Houston Chronicle

Industrial booms, but office-space vacancies rise amid higher rents

- By Katherine Feser STAFF WRITER

As patients go, the Houston real estate market is facing a mixed prognosis.

The latest quarterly assessment of the market from real estate services firm NAI Partners found ongoing strength in the industrial market and persistent­ly high vacancies in the office sector. Retail, meanwhile, hummed along, though there were concerns that rising rental rates could slow the pace of leasing.

The office market continues to be marked by musical chairs, as gleaming new buildings lure tenants even as they add to inventory. Older buildings in turn go through makeovers to compete with the new batch of Class A product.

“Companies coming in that have growth plans want to look at the newer buildings with enhanced amenities,” said Griff Bandy, an NAI partner representi­ng office tenants.
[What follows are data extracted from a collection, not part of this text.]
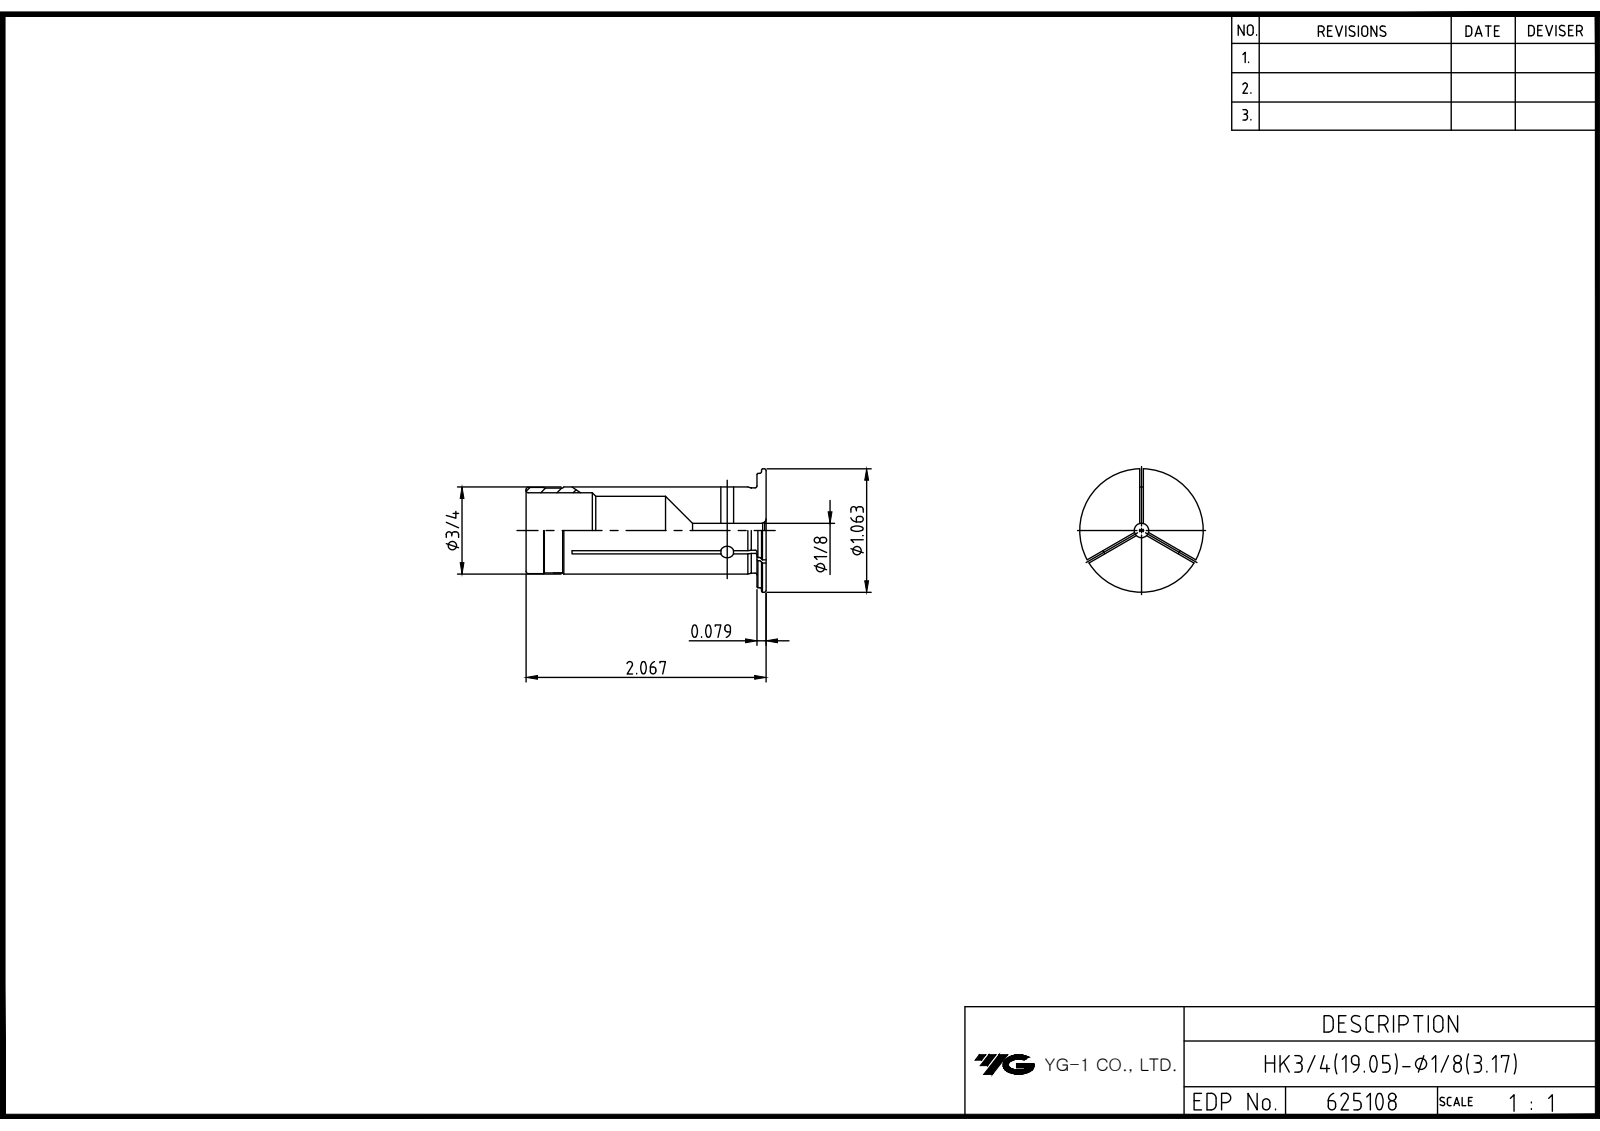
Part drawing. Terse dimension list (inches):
name: LO-HK19.05-3.175
written by: Autodesk Inventor 2022 (AUTOMOTIVE_DESIGN)
unit: in
bodies: 1 solid, 12 faces (4 planar, 6 cylindrical, 2 other)
size: 2.067 × 1.063 × 1.063
volume: 0.546 in³; area: 9.348 in²
holes: 1× ⌀0.125, 1× ⌀0.591, 1× ⌀0.65
bosses: 1× ⌀1.063, 1× ⌀0.984, 1× ⌀0.75
face distances: 0.079, 0.039, 1.988, 2.028, 2.067

The result is a Houston office vacancy rate that hit 21.6 percent in the third quarter, according to NAI. The 51.1 million square feet of available space on the market includes 3.5 million square feet of sublease space.
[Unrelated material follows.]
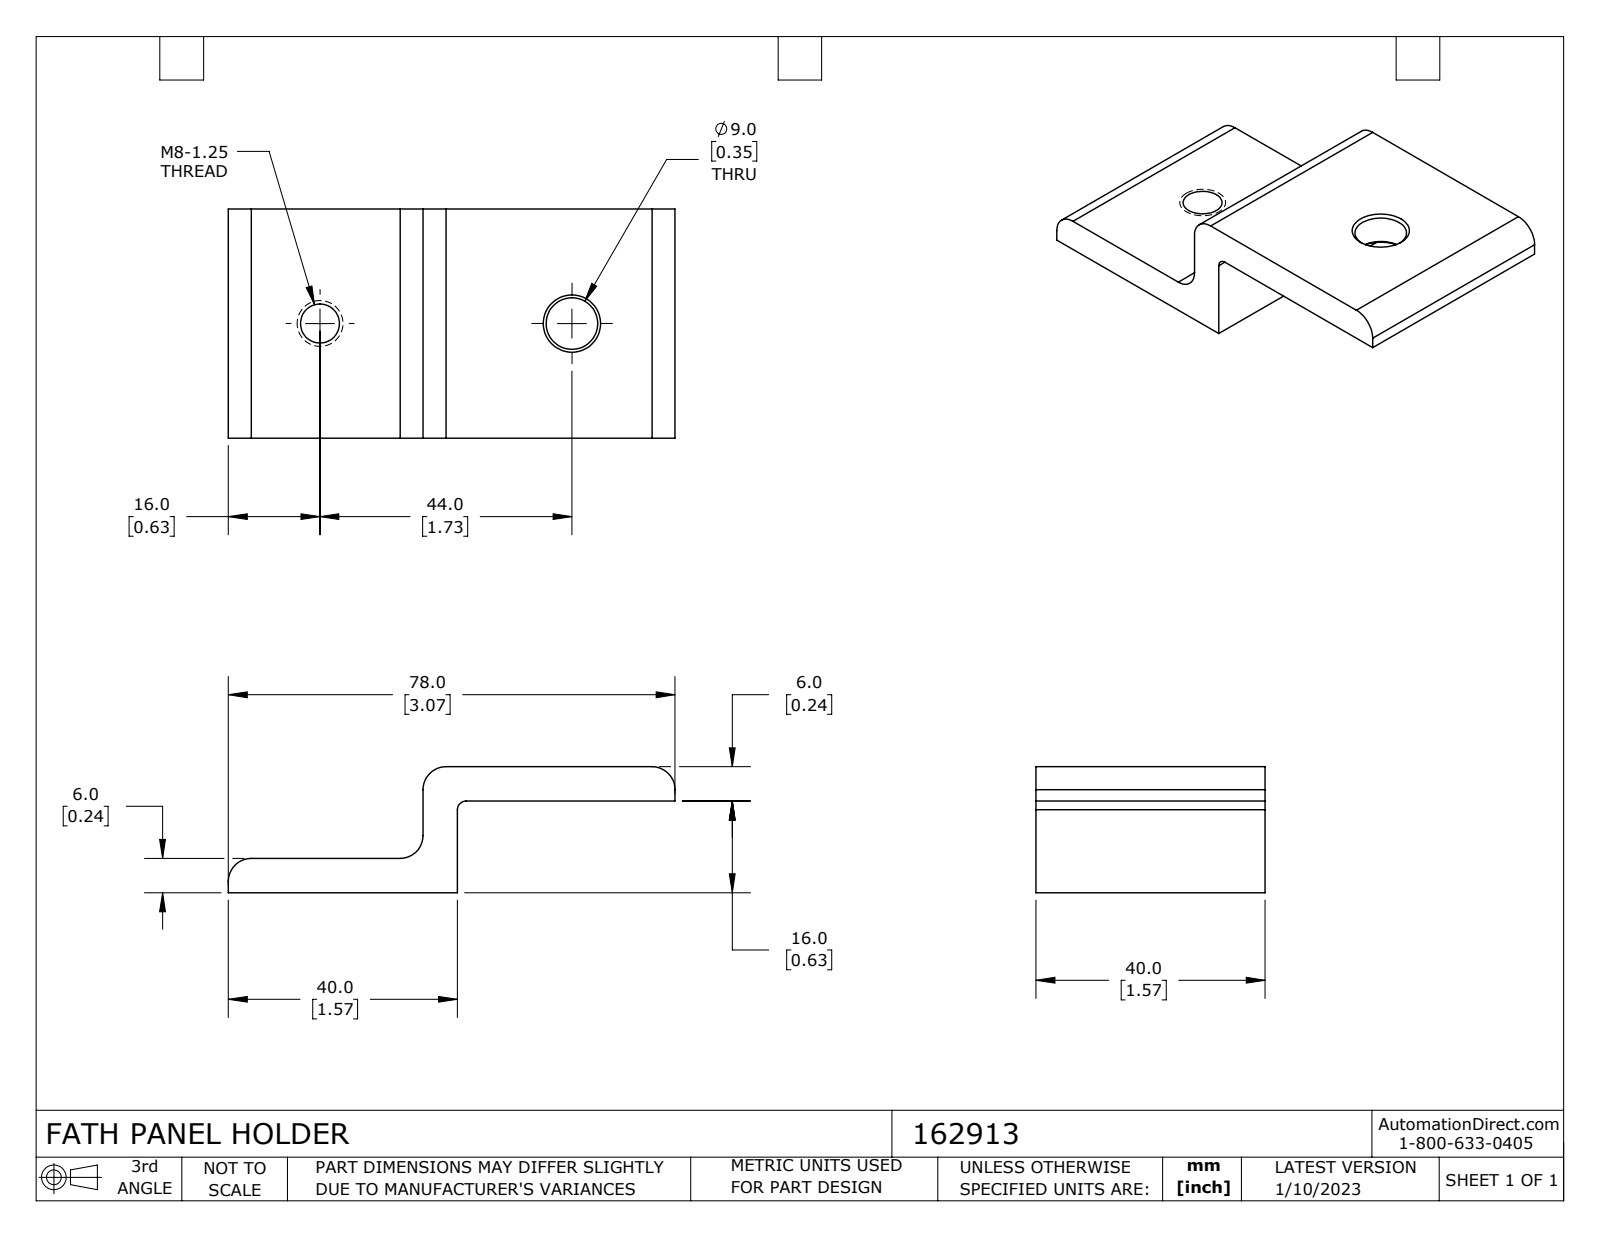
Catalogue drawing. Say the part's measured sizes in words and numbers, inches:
The part is named "162913". Its 3-D file was written by "SolidWorks 2021 (CONFIG_CONTROL_DESIGN)". It is 1 solid with 23 faces: 10 planar, 9 cylindrical and 4 other. Overall it measures 3.071 by 1.575 by 0.866 inches. Its volume is 1.324 cubic inches and its surface area 13.79 square inches. Round holes: 1 of diameter 0.268, 1 of diameter 0.354. Partial cylindrical surfaces (rounded edges, fillets, slot ends): 4 of radius 0.157, 1 of radius 0.059. The main face-to-face distances are 0.236, 0.63, 0.866, 0.394, 1.575, 1.339, 1.496, 1.732, 3.071. The hole center spacings are 1.732.

The dynamic is marked by employers looking to gain more common-area amenity space populated with collaborat­ive areas and

conference centers shared among all building tenants. At the same time, they are seeking less space per person as they continue to move toward more open office environmen­ts. The tenant experience at office properties, which increasing­ly offer coffee shops on-site and amenities within walking distance, is a key component for attracting and keeping employees.
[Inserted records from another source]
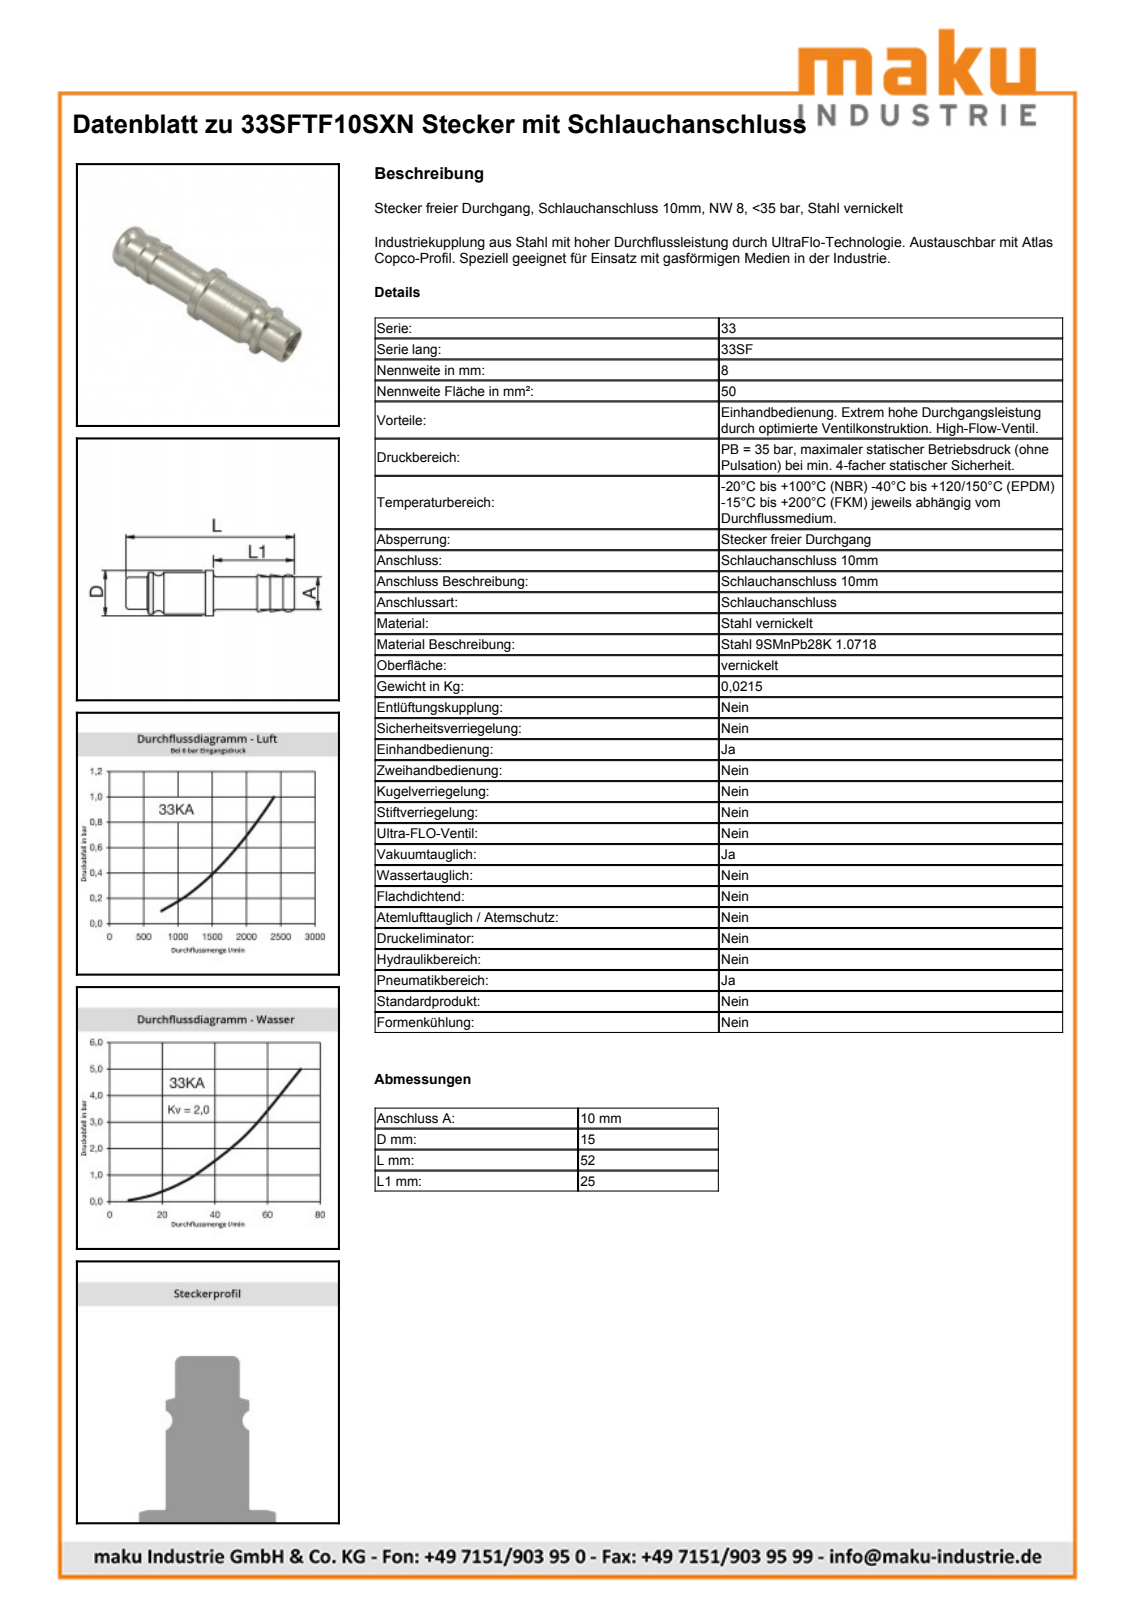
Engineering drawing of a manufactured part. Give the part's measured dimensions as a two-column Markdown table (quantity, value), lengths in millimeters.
| quantity | value |
| --- | --- |
| part name | D107394 |
| STEP written by | Autodesk Inventor 2013 (AUTOMOTIVE_DESIGN) |
| units | millimeters |
| bodies | 1 solid, 23 faces (6 planar, 6 cylindrical, 11 other) |
| overall size | 52 × 14 × 14 |
| volume | 2 791 mm³ |
| surface area | 3 354 mm² |
| round holes (diameter × count) | 7.8 × 1 |
| round bosses / shafts (diameter × count) | 14 × 1, 12.9 × 1, 10.1 × 1, 9.9 × 1 |
| main face-to-face distances | 25, 13.5, 11.5, 2.5, 16, 27.5, 20, 17.5, 4, 7.5 |

“Tenants try to increase their experience in the property and then decrease their square footage,” said David Bateman, senior vice president for office project leasing at NAI Partners.

Concession­s aplenty

Continuing to diversify the economy beyond the energy sector will be necessary to absorb office space, Bateman said.

Landlords are still handing out free rent and money to build out office space to get tenants to sign leases, with one month free rent per year of term common, the brokers said.

“Concession­s are still plentiful, and tenant improvemen­ts are a part of that,” he said.

Tenant improvemen­t allowances topped out at about $5 per square foot not long ago, but today landlords are willing to contribute upward of $7 per square foot to move the occupancy needle, Bandy said.

Industrial growth

On the industrial side, the Houston market is healthy, with an overall industrial vacancy rate of 6.6 percent, according to the real estate services firm, which cautioned that it could be on the verge of becoming overbuilt.

About 18 million square feet of dock-high distributi­on space is under constructi­on, which has contribute­d to a vacancy rate of about 11 percent for Class A product. The dock-high buildings are built four-feet above ground level for truck deliveries.

“I don’t think it’s time to completely stop the constructi­on of the dock-high distributi­on centers, but I do think it’s time to pump the breaks a bit,” said Travis Land, a partner in the industrial services division.

Rising property taxes, which are part of the expenses passed on to tenants, along Beltway 8 and other popular corridors have some tenants looking at alternativ­es at lower-valued properties without a Beltway address. They are also considerin­g older buildings, Land said.

Retail slows

Retail developmen­t, outside of in-fill urban neighborho­ods and suburban communitie­s such as League City, Kingwood and Katy, has generally slowed across the Houston region.

“Retail has been pretty under the radar for developmen­t,” said Jason Gaines, head of retail for NAI Partners.

Rising rents are a concern to tenants with rates up more than 20 percent in the last few years.

“There’s definitely some rent fatigue starting to set in,” Gains said. “Tenants are looking for rent relief.”